Die Hoffnung der Flüchtlinge

Griechenlands Regierung rechnet, wie vergangene Woche berichtet wurde, damit, dass das Land in der nächsten Zeit mit 70.000 bis 100.000 Neuankömmlingen konfrontiert werden könnte. Trotz des Signals, dass die Balkonroute jetzt gesperrt ist, machen sich weiter Flüchtlinge auf den Weg. Die Hoffnung, dass die Grenze zwischen Griechenland und Mazedonien irgendwann doch aufmachen würde, ist offensichtlich noch stärker als die anderslautenden Botschaften.

Sie halten an der Hoffnung fest, obwohl die Anlagen an der griechisch-mazedonischen Grenze verstärkt wurden und die Signale eindeutig sind.

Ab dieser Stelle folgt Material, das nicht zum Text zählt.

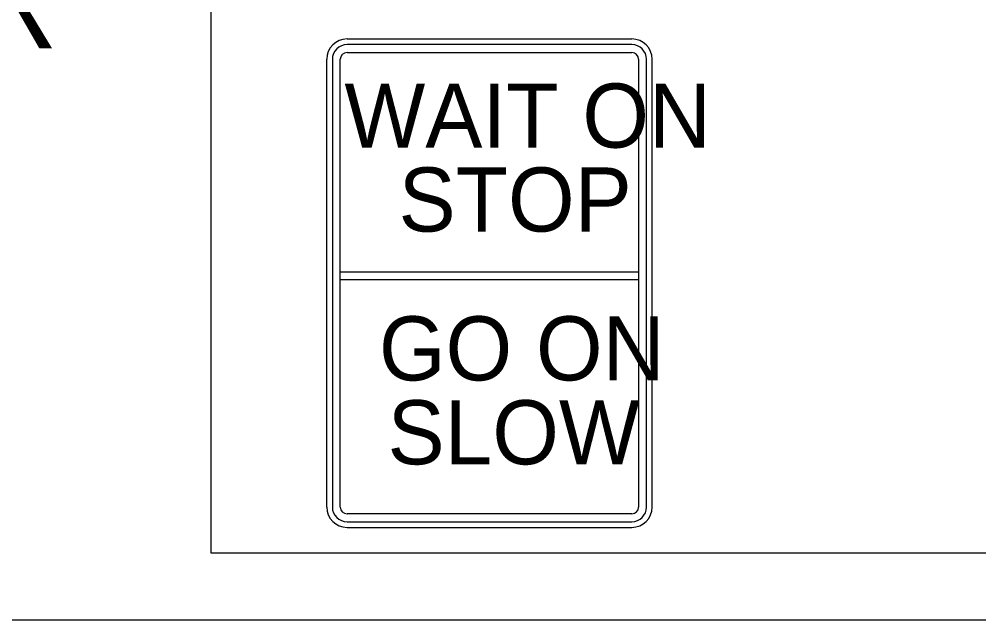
# Model space of a CAD drawing. Extents: x 21.7 to 29.1, y 5.9 to 16.2.
# Drawn here: x 27.525 to 28.39, y 13.017 to 13.558 of the extents above; entities that cross this region are included whole.
import ezdxf

# ---------------------------------------------------------------- set-up
doc = ezdxf.new("R2010")
doc.units = 0
for name, color, linetype in [('BORD-LINE', 7, 'Continuous'), ('DETL-LINE', 7, 'Continuous'), ('DETL-NOTE', 7, 'Continuous'), ('USER-BORD', 7, 'Continuous')]:
    doc.layers.add(name, color=color, linetype=linetype)

msp = doc.modelspace()

# ---------------------------------------------------------------- linework, layer by layer
at = {"layer": 'BORD-LINE'}
for p, q in [((27.82021, 13.54007), (28.07685, 13.54007)), ((27.80188, 13.11845), (27.80188, 13.52174)), ((28.09518, 13.11845), (28.09518, 13.52174)), ((27.82021, 13.10012), (28.07685, 13.10012))]:
    msp.add_line(p, q, dxfattribs=at)
for points in [[(28.07685, 13.53497), (27.82021, 13.53497)], [(27.82021, 13.52785), (28.07685, 13.52785)], [(27.80697, 13.52174), (27.80697, 13.45942)], [(27.8141, 13.45942), (27.8141, 13.52174)], [(28.08296, 13.52174), (28.08296, 13.11845)], [(28.09009, 13.11845), (28.09009, 13.52174)], [(27.80697, 13.45942), (27.80697, 13.44441), (27.80697, 13.11845)], [(27.8141, 13.11845), (27.8141, 13.45942)], [(28.07685, 13.11234), (27.82021, 13.11234)], [(27.82021, 13.10521), (28.07685, 13.10521)]]:
    msp.add_lwpolyline(points, dxfattribs=at)
for centre, radius, start, end in [((27.82021, 13.52174), 0.01833, 90, 180), ((28.07685, 13.52174), 0.01833, 0, 90), ((27.82021, 13.52174), 0.01324, 90, 180), ((27.82021, 13.52174), 0.00611, 90, 180), ((28.07685, 13.52174), 0.01324, 0, 90), ((28.07685, 13.52174), 0.00611, 0, 90), ((27.82021, 13.11845), 0.01833, 180, 270), ((27.82021, 13.11845), 0.01324, 180, 270), ((27.82021, 13.11845), 0.00611, 180, 270), ((28.07685, 13.11845), 0.01833, 270, 360), ((28.07685, 13.11845), 0.01324, 270, 360), ((28.07685, 13.11845), 0.00611, 270, 360)]:
    msp.add_arc(centre, radius, start, end, dxfattribs=at)
at = {"layer": 'DETL-LINE'}
for points in [[(25.80407, 13.01689), (28.97928, 13.01689), (28.97928, 14.33286), (25.80407, 14.33286)], [(28.97321, 14.14685), (25.80407, 14.14685), (25.80407, 13.01694), (28.97321, 13.01694)], [(27.69786, 14.09638), (28.91887, 14.09638), (28.91887, 13.07685), (27.69786, 13.07685)], [(27.8141, 13.3232), (27.8141, 13.33033), (28.08296, 13.33033), (28.08296, 13.3232)]]:
    msp.add_lwpolyline(points, close=True, dxfattribs=at)

# ---------------------------------------------------------------- texts
at = {"layer": 'DETL-NOTE'}
msp.add_text('OR', height=0.08, dxfattribs=at).set_placement((27.39884, 13.5316))
at = {"layer": 'USER-BORD'}
for s, p in [('WAIT ON', (27.81784, 13.44218)), ('STOP', (27.86662, 13.3666)), ('GO ON', (27.84894, 13.2325)), ('SLOW', (27.85669, 13.15691))]:
    msp.add_text(s, height=0.057738, dxfattribs=at).set_placement(p)

doc.saveas('drawing.dxf')
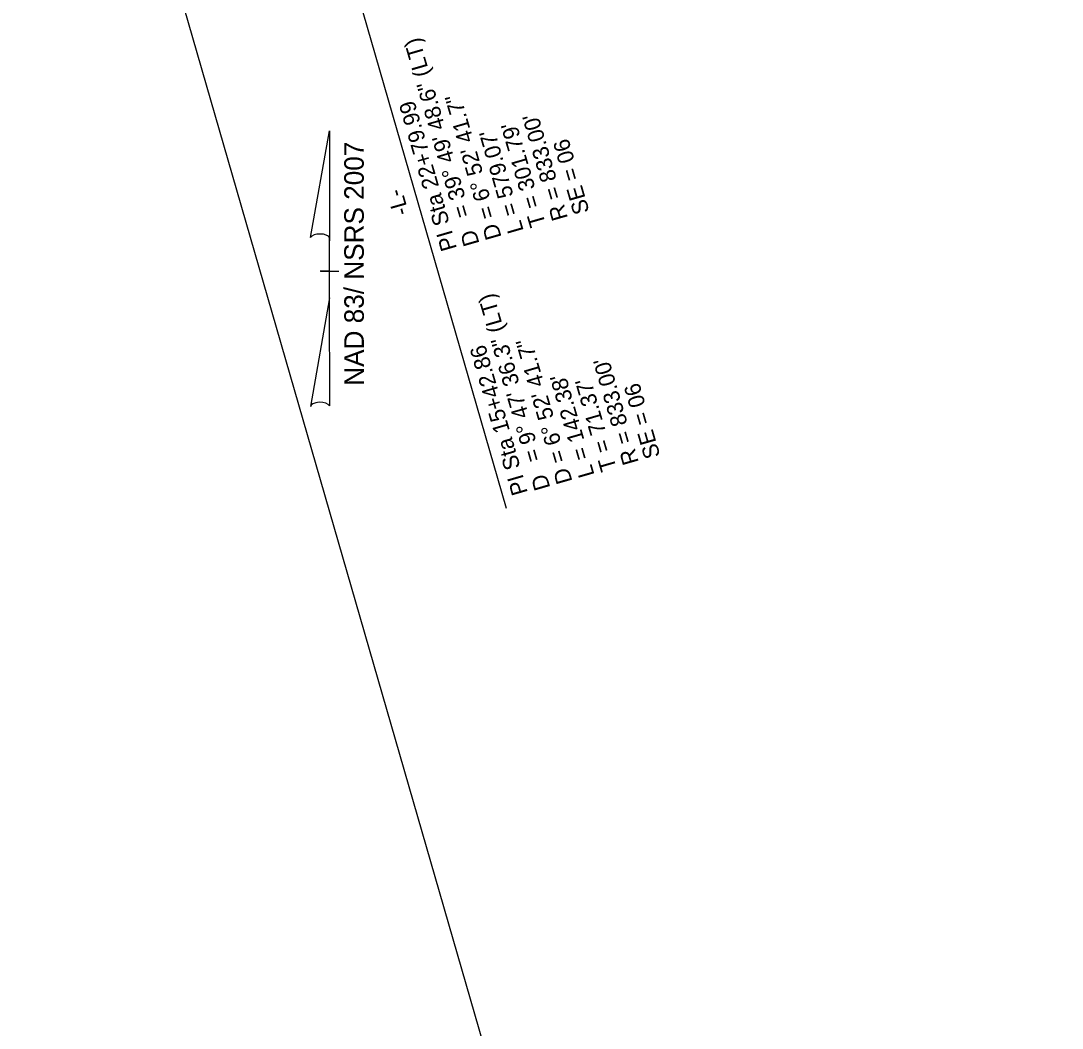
# Model space of a CAD drawing. Extents: x 2167182 to 2168576, y 842635 to 844493.
# Drawn here: x 2167182.4 to 2167635.1, y 843360.4 to 843798.4 of the extents above; entities that cross this region are included whole.
import ezdxf

# ---------------------------------------------------------------- set-up
doc = ezdxf.new("R2010")
doc.units = 0
for name, color, linetype in [('Prop Horizontal Alignment Curve and Spiral Data', 7, 'Continuous'), ('Prop North Arrow for Plan Sheets CELL', 7, 'Continuous'), ('Prop North Arrow NAD83 for Plan Sheets CELL', 7, 'Continuous'), ('Sheet Layout Plan Border', 7, 'Continuous')]:
    doc.layers.add(name, color=color, linetype=linetype)

msp = doc.modelspace()

# ---------------------------------------------------------------- linework, layer by layer
at = {"layer": 'Prop Horizontal Alignment Curve and Spiral Data'}
msp.add_line((2167393.49, 843586.34), (2167304.09, 843896), dxfattribs=at)
at = {"layer": 'Prop North Arrow for Plan Sheets CELL'}
for p, q in [((2167308.38, 843704.27), (2167316.58, 843750.62)), ((2167316.63, 843750.62), (2167316.58, 843750.62)), ((2167316.63, 843750.62), (2167316.58, 843750.62)), ((2167316.63, 843750.62), (2167316.63, 843702.82)), ((2167316.63, 843678.02), (2167316.63, 843704.22)), ((2167316.63, 843702.82), (2167316.63, 843704.17)), ((2167312.63, 843689.62), (2167312.58, 843689.62)), ((2167316.18, 843689.62), (2167312.63, 843689.62)), ((2167312.68, 843689.62), (2167320.68, 843689.62)), ((2167316.63, 843678.02), (2167308.28, 843630.77)), ((2167316.68, 843630.97), (2167316.63, 843678.02))]:
    msp.add_line(p, q, dxfattribs=at)
for centre, start_param, end_param in [((2167312.51, 843703.78), 0.216388, 2.908219), ((2167312.51, 843630.61), 0.201328, 3.141593)]:
    msp.add_ellipse(centre, major_axis=(4.23, -0.03), ratio=0.461098, start_param=start_param, end_param=end_param, dxfattribs=at)
at = {"layer": 'Sheet Layout Plan Border'}
msp.add_lwpolyline([(2168191.21, 844341.01), (2167182.42, 844049.75), (2167182.42, 844049.75), (2167567.43, 842716.21), (2168576.23, 843007.46)], close=True, dxfattribs=at)

# ---------------------------------------------------------------- texts
at = {"layer": 'Prop Horizontal Alignment Curve and Spiral Data'}
for s, p in [('= 39%%d 49\' 48.6" (LT)', (2167378.01, 843713.87)), ('D = 6%%d 52\' 41.7"', (2167391.46, 843704.38)), ('PI Sta 22+79.99', (2167372.06, 843699.48)), ("R = 833.00'", (2167420.29, 843712.7)), ("T = 301.79'", (2167410.68, 843709.93)), ("L = 579.07'", (2167401.07, 843707.16)), ('SE = 06', (2167429.67, 843715.41)), ('-L-', (2167351.15, 843714.88)), ('D', (2167381.86, 843701.61)), ('= 9%%d 47\' 36.3" (LT)', (2167408.81, 843607.67)), ('PI Sta 15+42.86', (2167402.86, 843593.28)), ('D = 6%%d 52\' 41.7"', (2167422.26, 843598.18)), ("R = 833.00'", (2167451.08, 843606.5)), ("L = 142.38'", (2167431.87, 843600.95)), ("T = 71.37'", (2167441.48, 843603.72)), ('SE = 06', (2167460.47, 843609.21)), ('D', (2167412.65, 843595.4))]:
    msp.add_text(s, height=7, rotation=106.1034, dxfattribs=at).set_placement(p)
at = {"layer": 'Prop North Arrow NAD83 for Plan Sheets CELL'}
msp.add_text('NAD 83/ NSRS 2007', height=8.5, rotation=90.0239, dxfattribs=at).set_placement((2167331.54, 843639.75))

doc.saveas('drawing.dxf')

Bis Mitte Februar wurden nach Angaben des mazedonischen Innenministeriums 7.579 Migranten zurückgeschickt und bis zu diesem Zeitpunkt wurden Afghanen noch durchgelassen. 3.202 der Migranten hatten laut dem mazedonischen Innenministerium gefälschte Ausweise

Die weiter nach Idomeni kommen wollen oder dort warten, setzten ihre Hoffnung darauf, zu den 200 Syrern und Irakern zu gehören, die derzeit an der mazedonischen Grenze durchgelassen werden. Die Vorgaben der täglichen Quote kommen aus Österreich, das wie andere Länder der Westbalkanroute Grenzbeamte zur Verstärkung geschickt hat.